September 18, 2020

7 Cara Kreatif Employee Engagement untuk Memikat Karyawan Milenial

1  comments

By Edy Nugroho

“A true gentleman never leaves his lady”

Un vero cavaliere non lascia mai una signora, begitulah kalimat itu dalam bahasa aslinya.

Kalimat legendaris dari kapten penuh magis pada tim sepakbola hitam putih bergaris. Alessandro Del Piero, sang kapten dengan julukan sang Pinturicchio, yang telah menggores tinta emas di lega calcio pada tim yang bermarkas di Torino. Tahun 2006 adalah salah satu sejarah kelam dunia sepakbola Italy, secara khusus pada tim yang berjuluk The Old Lady, Juventus. Terbongkarnya skandal besar pengaturan skor yang terkenal dengan sebutan calciopoli dengan aktor utamanya Luciano Mogi. Direktur umum Juventus kala itu terbukti melakukan tindakan illegal dengan ikut campur tangan dalam pemilihan wasit pertandingan.

Vonis dijatuhkan, hukuman ditimpakan, status juara dilengserkan. FIGC (PSSI-nya Italia) memutuskan Juventus bersalah dan dihukum turun kasta ke Seri B, memulai kompetisi dengan point minus 9 dan mencopot gelar juara liga Seri A 2004/2005 dan 2005/2006. Sang penguasa Seri A turun ke kasta kedua liga. Petaka!

Sudah jatuh tertimpa tangga, sang juara mendadak ditinggalkan bintang-bintangnya, berpindah ke tim yang dengan tangan terbuka menampungnya. Beruntungnya La Vecchia Signora, eksodus pemain ini tidak diamini oleh 5 bintang utamanya. Dimotori oleh Alessandro Del Piero sang kapten, beberapa pemain utama bertahan tunjukkan komitmen. Mereka adalah Gianluigi Buffon (penjaga gawang nomor 1 Italia kala itu, masih aktif bermain sampai hari ini), Pavel Nedved (kapten timnas Republik Ceko, sekarang menjabat sebagai wakil presiden Juventus), David Trezeguet (striker timnas Perancis), Mauro Camoranesi (sayap kanan timnas Italia). Seri B sebagai kasta kedua bukanlah habitat mereka, banyak tim menunggu tanda tangannya, tapi mereka memilih tidak pindah ke lain hati, bertahan untuk membawa The Old Lady ke tempat seharusnya berkompetisi. Hormat.

Business Owner, HC Practitioner dan Professional Leader, heroik sekali bukan ilustrasi di atas. Cerita ini sekilas seperti sebuah dongeng, yang dirasa tidak lazim terjadi dalam kancah sepakbola modern, lebih-lebih sepertinya mustahil terjadi di dunia kerja pada era milenial ini. Benarkah demikian?

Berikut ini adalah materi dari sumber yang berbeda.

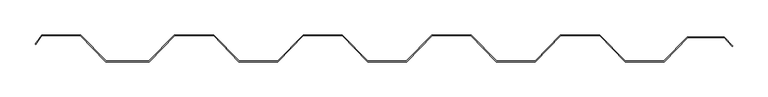
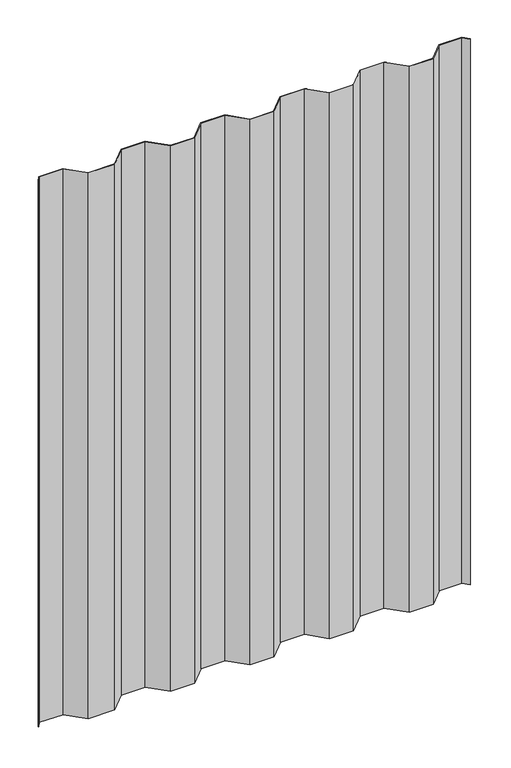
"""IFC4 building model written with IfcOpenShell, lengths in millimetres: proxy geometry, Generic Models 2:Generic Models 2:310765:Generic Models 2:310765 : Generic Models 2:Generic Models 2:310765:10 : Generic Models 2:Generic Models 2:310765:Generic Models 2:310765 : Generic Models 2:Generic Models 2:310765:300385."""

from ifc_helpers import new_model, si_unit, frame, origin, place, context, project, spatial, polyline, outline, extrude, source, transform, mapped, element, save


def generic_models_5e84f85a(model_context):
    return source(origin(), model_context, "Body", "SweptSolid", [
        extrude(outline(polyline([(579044.8590828, -578743.0895468), (579056.7148291, -578756.1976178), (579056.1528573, -578756.7595896), (579044.5067455, -578743.8832968), (578992.6003915, -578743.8832968), (578958.9684067, -578778.441384), (578903.7888468, -578778.441384), (578867.6266551, -578741.135134), (578812.2515295, -578741.135134), (578776.0893379, -578778.441384), (578720.9088468, -578778.441384), (578684.7466551, -578741.135134), (578629.3715295, -578741.135134), (578593.2093379, -578778.441384), (578538.0288468, -578778.441384), (578501.8666551, -578741.135134), (578446.4915295, -578741.135134), (578410.3293379, -578778.441384), (578355.1488468, -578778.441384), (578318.9866551, -578741.135134), (578263.6115295, -578741.135134), (578227.4493379, -578778.441384), (578165.9188468, -578778.441384), (578129.7566551, -578741.135134), (578075.2280924, -578741.135134), (578066.2867241, -578753.9047313), (578065.6365222, -578753.449455), (578074.8148923, -578740.341384), (578130.0927007, -578740.341384), (578166.2548923, -578777.647634), (578227.1132923, -578777.647634), (578263.275484, -578740.341384), (578319.3227007, -578740.341384), (578355.4848923, -578777.647634), (578409.9932923, -578777.647634), (578446.155484, -578740.341384), (578502.2027007, -578740.341384), (578538.3648923, -578777.647634), (578592.8732923, -578777.647634), (578629.035484, -578740.341384), (578685.0827007, -578740.341384), (578721.2448923, -578777.647634), (578775.7532923, -578777.647634), (578811.915484, -578740.341384), (578867.9627007, -578740.341384), (578904.1248923, -578777.647634), (578958.6332923, -578777.647634), (578992.2652771, -578743.0895468), (579044.8590828, -578743.0895468)])), frame((0.0, 0.0, 4828.849258), z_axis=(0.0, 0.0, 1.0), x_axis=(1.0, 0.0, 0.0)), (0.0, 0.0, 1.0), 1324.3203982),
    ])


if __name__ == "__main__":
    model = new_model("IFC4")
    model_context = context("Model", 3, world=origin())
    ifc_project = project(units=[si_unit("LENGTHUNIT", "METRE", prefix="MILLI")], contexts=[model_context])
    site = spatial("IfcSite", under=ifc_project)
    building = spatial("IfcBuilding", under=site)
    placement = place(None, origin())
    generic_models_shape = generic_models_5e84f85a(model_context)
    element("IfcBuildingElementProxy", 1, Name="Generic Models 2:Generic Models 2:310765:Generic Models 2:310765 : Generic Models 2:Generic Models 2:310765:10 : Generic Models 2:Generic Models 2:310765:Generic Models 2:310765 : Generic Models 2:Generic Models 2:310765:300385", ObjectType="Generic Models 2:Generic Models 2:310765:Generic Models 2:310765 : Generic Models 2:Generic Models 2:310765:10 : Generic Models 2:Generic Models 2:310765:Generic Models 2:310765 : Generic Models 2:Generic Models 2:310765:300385", at=placement, inside=building, context=model_context, shape_type="MappedRepresentation", body=[
        mapped(generic_models_shape, transform((0.0, 0.0, 0.0), x_axis=(1.0, 0.0, 0.0), y_axis=(0.0, 1.0, 0.0), z_axis=(0.0, 0.0, 1.0))),
    ])
    save(model, "model.ifc")

# Revit data of these elements
# Type "Generic Models 2:Generic Models 2:310765:Generic Models 2:310765 : Generic Models 2:Generic Models 2:310765:10 : Generic Models 2:Generic Models 2:310765:Generic Models 2:310765 : Generic Models 2:Generic Models 2:310765:300385"
#   NameOverride = "Generic Models 2:Generic Models 2:310765:Generic Models 2:310765 : Generic Models 2:Generic Models 2:310765:300385"
#   ObjectTypeOverride = "Generic Models 2:310765 : Generic Models 2:Generic Models 2:310765"
#   Reference = "Generic Models 2"
#   Tag = "300385"
# Element 1 (IfcBuildingElementProxy, "Generic Models 2:Generic Models 2:310765:Generic Models 2:310765 : Generic Models 2:Generic Models 2:310765:10 : Generic Models 2:Generic Models 2:310765:Generic Models 2:310765 : Generic Models 2:Generic Models 2:310765:300385")
#   Materials on its faces: "VERTICAL CORRUGATED METAL PANEL - EXPOSED FASTENERS - (MBCI 7.2 PANEL)"
# Materials
#   "VERTICAL CORRUGATED METAL PANEL - EXPOSED FASTENERS - (MBCI 7.2 PANEL)": class "Generic", colour RGB 120 120 120, transparency 0, Cost = 0
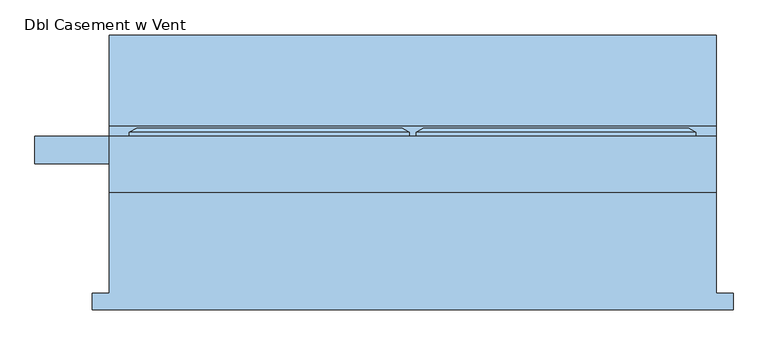
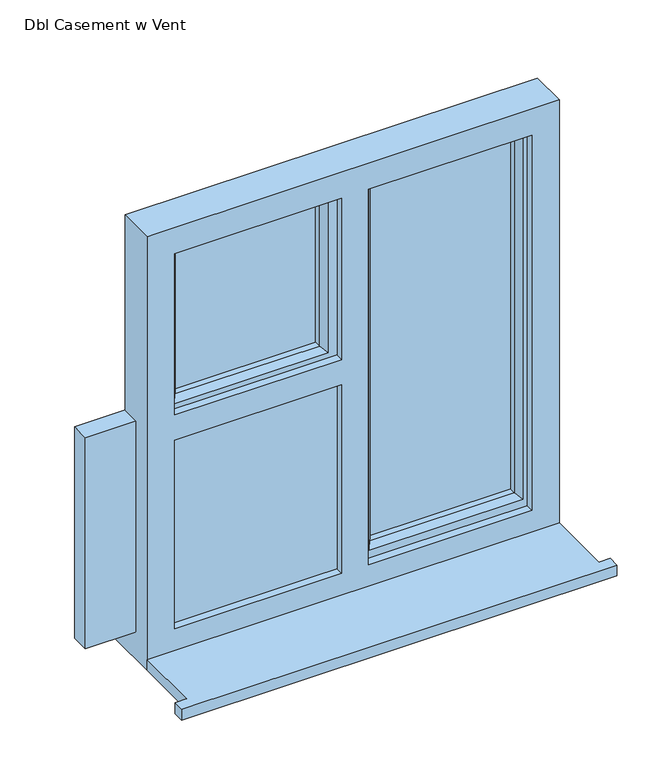
"""IFC4 building model written with IfcOpenShell, lengths in millimetres: window geometry, Dbl Casement w Vent : Doublel Casement with Vent 900w x 1000h."""

import ifcopenshell
import ifcopenshell.guid

model = None  # the IFC model being written
_history = None  # IfcOwnerHistory: only IFC2X3 demands one
_inside = {}  # id of a spatial element -> (the spatial element, [elements in it])
_under = {}  # id of a project, library or spatial element -> (it, [spatial elements below it])
_declared = {}  # id of a project -> (the project, [libraries it declares])
_typed = {}  # id of a type object -> (the type object, [elements of that type])
_made_of = {}  # id of a material, layer set ... -> (it, [elements and type objects made of it])


def new_model(schema):
    """Start an empty IFC model of exactly this schema.

    Asked for "IFC4X3", IfcOpenShell would pick the latest addendum, in which some entities
    have other attributes; the version numbers below select the first issue.
    IFC2X3 requires an IfcOwnerHistory on every rooted entity: one is made here for all.
    """
    global model, _history
    if schema == "IFC4X3":
        model = ifcopenshell.file(schema_version=(4, 3, 0, 0))
    else:
        model = ifcopenshell.file(schema=schema)
    _inside.clear()
    _under.clear()
    _declared.clear()
    _typed.clear()
    _made_of.clear()
    _history = None
    if model.schema == "IFC2X3":
        org = make("IfcOrganization", Name="unknown")
        user = make(
            "IfcPersonAndOrganization",
            ThePerson=make("IfcPerson", FamilyName="unknown"),
            TheOrganization=org,
        )
        app = make(
            "IfcApplication",
            ApplicationDeveloper=org,
            Version="unknown",
            ApplicationFullName="unknown",
            ApplicationIdentifier="unknown",
        )
        _history = make(
            "IfcOwnerHistory",
            OwningUser=user,
            OwningApplication=app,
            ChangeAction="ADDED",
            CreationDate=0,
        )
    return model


def make(cls, **values):
    """One entity of the class cls with the attributes given. An attribute that is None is left unset."""
    return model.create_entity(
        cls, **{name: value for name, value in values.items() if value is not None}
    )


def rooted(cls, **values):
    """An entity with a GlobalId (a new one), such as an element, a storey or a relation."""
    return make(cls, GlobalId=ifcopenshell.guid.new(), OwnerHistory=_history, **values)


def si_unit(unit_type, name, prefix=None):
    """IfcSIUnit, for example si_unit("LENGTHUNIT", "METRE", prefix="MILLI")."""
    return make("IfcSIUnit", UnitType=unit_type, Prefix=prefix, Name=name)


def assignment(units):
    """IfcUnitAssignment: the units of a project."""
    return None if units is None else make("IfcUnitAssignment", Units=units)


def point(xyz):
    """IfcCartesianPoint."""
    return None if xyz is None else make("IfcCartesianPoint", Coordinates=xyz)


def direction(xyz):
    """IfcDirection."""
    return None if xyz is None else make("IfcDirection", DirectionRatios=xyz)


def frame(location, z_axis=None, x_axis=None):
    """IfcAxis2Placement3D, a coordinate frame: its origin and axes. An axis left out is left unset."""
    return make(
        "IfcAxis2Placement3D",
        Location=point(location),
        Axis=direction(z_axis),
        RefDirection=direction(x_axis),
    )


def origin():
    """The frame at (0, 0, 0) with its axes left unset."""
    return frame((0.0, 0.0, 0.0))


def place(relative_to, where):
    """IfcLocalPlacement: puts the frame where relative to a parent placement (None: the world)."""
    return make(
        "IfcLocalPlacement", PlacementRelTo=relative_to, RelativePlacement=where
    )


def context(
    kind, dimensions, precision=None, world=None, true_north=None, identifier=None
):
    """IfcGeometricRepresentationContext, for example the 3D "Model" context."""
    return make(
        "IfcGeometricRepresentationContext",
        ContextIdentifier=identifier,
        ContextType=kind,
        CoordinateSpaceDimension=dimensions,
        Precision=precision,
        WorldCoordinateSystem=world,
        TrueNorth=true_north,
    )


def project(units=None, contexts=None):
    """IfcProject with its units and contexts."""
    return rooted(
        "IfcProject",
        Name="project",
        RepresentationContexts=contexts,
        UnitsInContext=assignment(units),
    )


def spatial(cls, under=None, at=None, **own):
    """A site, building, storey or space (cls), placed at a placement, below another one or the project."""
    s = rooted(cls, ObjectPlacement=at, **own)
    if under is not None:
        _under.setdefault(under.id(), (under, []))[1].append(s)
    return s


def polyline(points):
    """IfcPolyline through the points."""
    return make("IfcPolyline", Points=[point(p) for p in points])


def outline(outer, holes=None, kind="AREA"):
    """IfcArbitraryClosedProfileDef: a profile drawn as a closed curve; with holes, ...WithVoids."""
    if holes is None:
        return make("IfcArbitraryClosedProfileDef", ProfileType=kind, OuterCurve=outer)
    return make(
        "IfcArbitraryProfileDefWithVoids",
        ProfileType=kind,
        OuterCurve=outer,
        InnerCurves=holes,
    )


def extrude(swept, where, along, depth):
    """IfcExtrudedAreaSolid: the profile swept, set in the frame where, extruded along a direction by depth."""
    return make(
        "IfcExtrudedAreaSolid",
        SweptArea=swept,
        Position=where,
        ExtrudedDirection=direction(along),
        Depth=depth,
    )


def faces_of(points, faces, orient=None, outer=None):
    """IfcFace entities. A face is a list of loops; a loop is a list of indices into points, from 0.

    orient and outer hold one flag for each loop. By default every Orientation is true, the
    first loop of a face is its IfcFaceOuterBound and the others are IfcFaceBound.
    """
    made = []
    for i, loops in enumerate(faces):
        bounds = []
        for j, loop in enumerate(loops):
            is_outer = j == 0 if outer is None else outer[i][j]
            bounds.append(
                make(
                    "IfcFaceOuterBound" if is_outer else "IfcFaceBound",
                    Bound=make("IfcPolyLoop", Polygon=[points[k] for k in loop]),
                    Orientation=True if orient is None else orient[i][j],
                )
            )
        made.append(make("IfcFace", Bounds=bounds))
    return made


def faceted_brep(points, faces, orient=None, outer=None, voids=None):
    """IfcFacetedBrep: a solid bounded by flat faces; with voids (closed shells), ...WithVoids."""
    shared = [point(p) for p in points]
    hull = make("IfcClosedShell", CfsFaces=faces_of(shared, faces, orient, outer))
    if voids is None:
        return make("IfcFacetedBrep", Outer=hull)
    return make(
        "IfcFacetedBrepWithVoids",
        Outer=hull,
        Voids=[
            make(cls, CfsFaces=faces_of(shared, fs, o, b)) for cls, fs, o, b in voids
        ],
    )


def shape(context_of_items, identifier, shape_type, items):
    """IfcShapeRepresentation: the items that make up one representation, for example the "Body"."""
    return make(
        "IfcShapeRepresentation",
        ContextOfItems=context_of_items,
        RepresentationIdentifier=identifier,
        RepresentationType=shape_type,
        Items=items,
    )


def source(mapping_origin, context_of_items, identifier, shape_type, items):
    """IfcRepresentationMap: a shape defined once, which mapped items show again and again."""
    return make(
        "IfcRepresentationMap",
        MappingOrigin=mapping_origin,
        MappedRepresentation=shape(context_of_items, identifier, shape_type, items),
    )


def transform(
    local_origin,
    x_axis=None,
    y_axis=None,
    z_axis=None,
    scale=None,
    scale2=None,
    scale3=None,
    uniform=True,
):
    """IfcCartesianTransformationOperator3D, or its non-uniform kind. x_axis, y_axis, z_axis: its Axis1, 2, 3."""
    if uniform:
        return make(
            "IfcCartesianTransformationOperator3D",
            Axis1=direction(x_axis),
            Axis2=direction(y_axis),
            LocalOrigin=point(local_origin),
            Scale=scale,
            Axis3=direction(z_axis),
        )
    return make(
        "IfcCartesianTransformationOperator3DnonUniform",
        Axis1=direction(x_axis),
        Axis2=direction(y_axis),
        LocalOrigin=point(local_origin),
        Scale=scale,
        Axis3=direction(z_axis),
        Scale2=scale2,
        Scale3=scale3,
    )


def mapped(mapping_source, mapping_target):
    """IfcMappedItem: shows the shape of a source again, moved by a transform."""
    return make(
        "IfcMappedItem", MappingSource=mapping_source, MappingTarget=mapping_target
    )


def made_of(thing, what):
    """Note that an element or type object is made of a material, layer set ...; save() writes the relation."""
    if what is not None:
        _made_of.setdefault(what.id(), (what, []))[1].append(thing)
    return thing


def element(
    cls,
    number,
    at=None,
    inside=None,
    cuts=None,
    type_object=None,
    material=None,
    context=None,
    identifier="Body",
    shape_type=None,
    held_by="IfcProductDefinitionShape",
    body=None,
    shapes=None,
    **own,
):
    """One element of the class cls, such as IfcWall. Its Tag is "e" and its number.

    at: its placement. inside: the storey or other place that contains it. cuts: it is an
    opening in that element (IfcRelVoidsElement). A single representation is given by context,
    identifier, shape_type and body (its items); several are given by shapes. held_by: the class
    of the entity that holds the representations. save() writes the other relations.
    """
    e = rooted(cls, Tag="e%d" % number, ObjectPlacement=at, **own)
    if body is not None:
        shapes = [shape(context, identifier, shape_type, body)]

Sebelum menjawab pertanyaan itu, kita perlu mengupas mengapa Del Piero memilih bertahan, bahkan mampu mengeluarkan kalimat yang menyentuh bagi Juventini (pendukung Juventus) itu. Beragam analisa muncul, benang merahnya adalah engagement.  Del Piero terkoneksi erat dengan Juventus. Bukan sekedar bertahan, melainkan memperjuangkan.

Engagement pada Generasi Milenial

Di era digital ini, perusahaan dengan mayoritas diisi oleh karyawan milenial, pertanyaan mendasar yang sering muncul adalah masih adakah karyawan yang tetap bertahan saat perusahaan tertimpa cobaan atau masih adakah yang memilih menyelamatkan kapal dari ancaman karam alih-alih menyelamatkan diri melompat ke kapal lain?

Banyak. Tergantung bagaimana business owner melalui human capital mampu membangun engagement karyawan terhadap perusahaan.

Engagement dalam terjemahan baku adalah keterikatan, dalam beberapa artikel diterjemahkan sebagai loyalitas. Mirip namun belum tentu pas, karena loyalitas mengandung unsur durasi waktu. Loyalitas karyawan biasanya salah satu tolok ukurnya adalah berapa lama waktu bertahan. Engagement lebih menekankan energi untuk menghasilkan peningkatan. 

Engagement is an individual’s sense of purpose and focused energy, evident to others in the display of personal initiative, adaptability, effort, and persistence directed toward organizational goals (Macey, Schneider, Barbera, & Young).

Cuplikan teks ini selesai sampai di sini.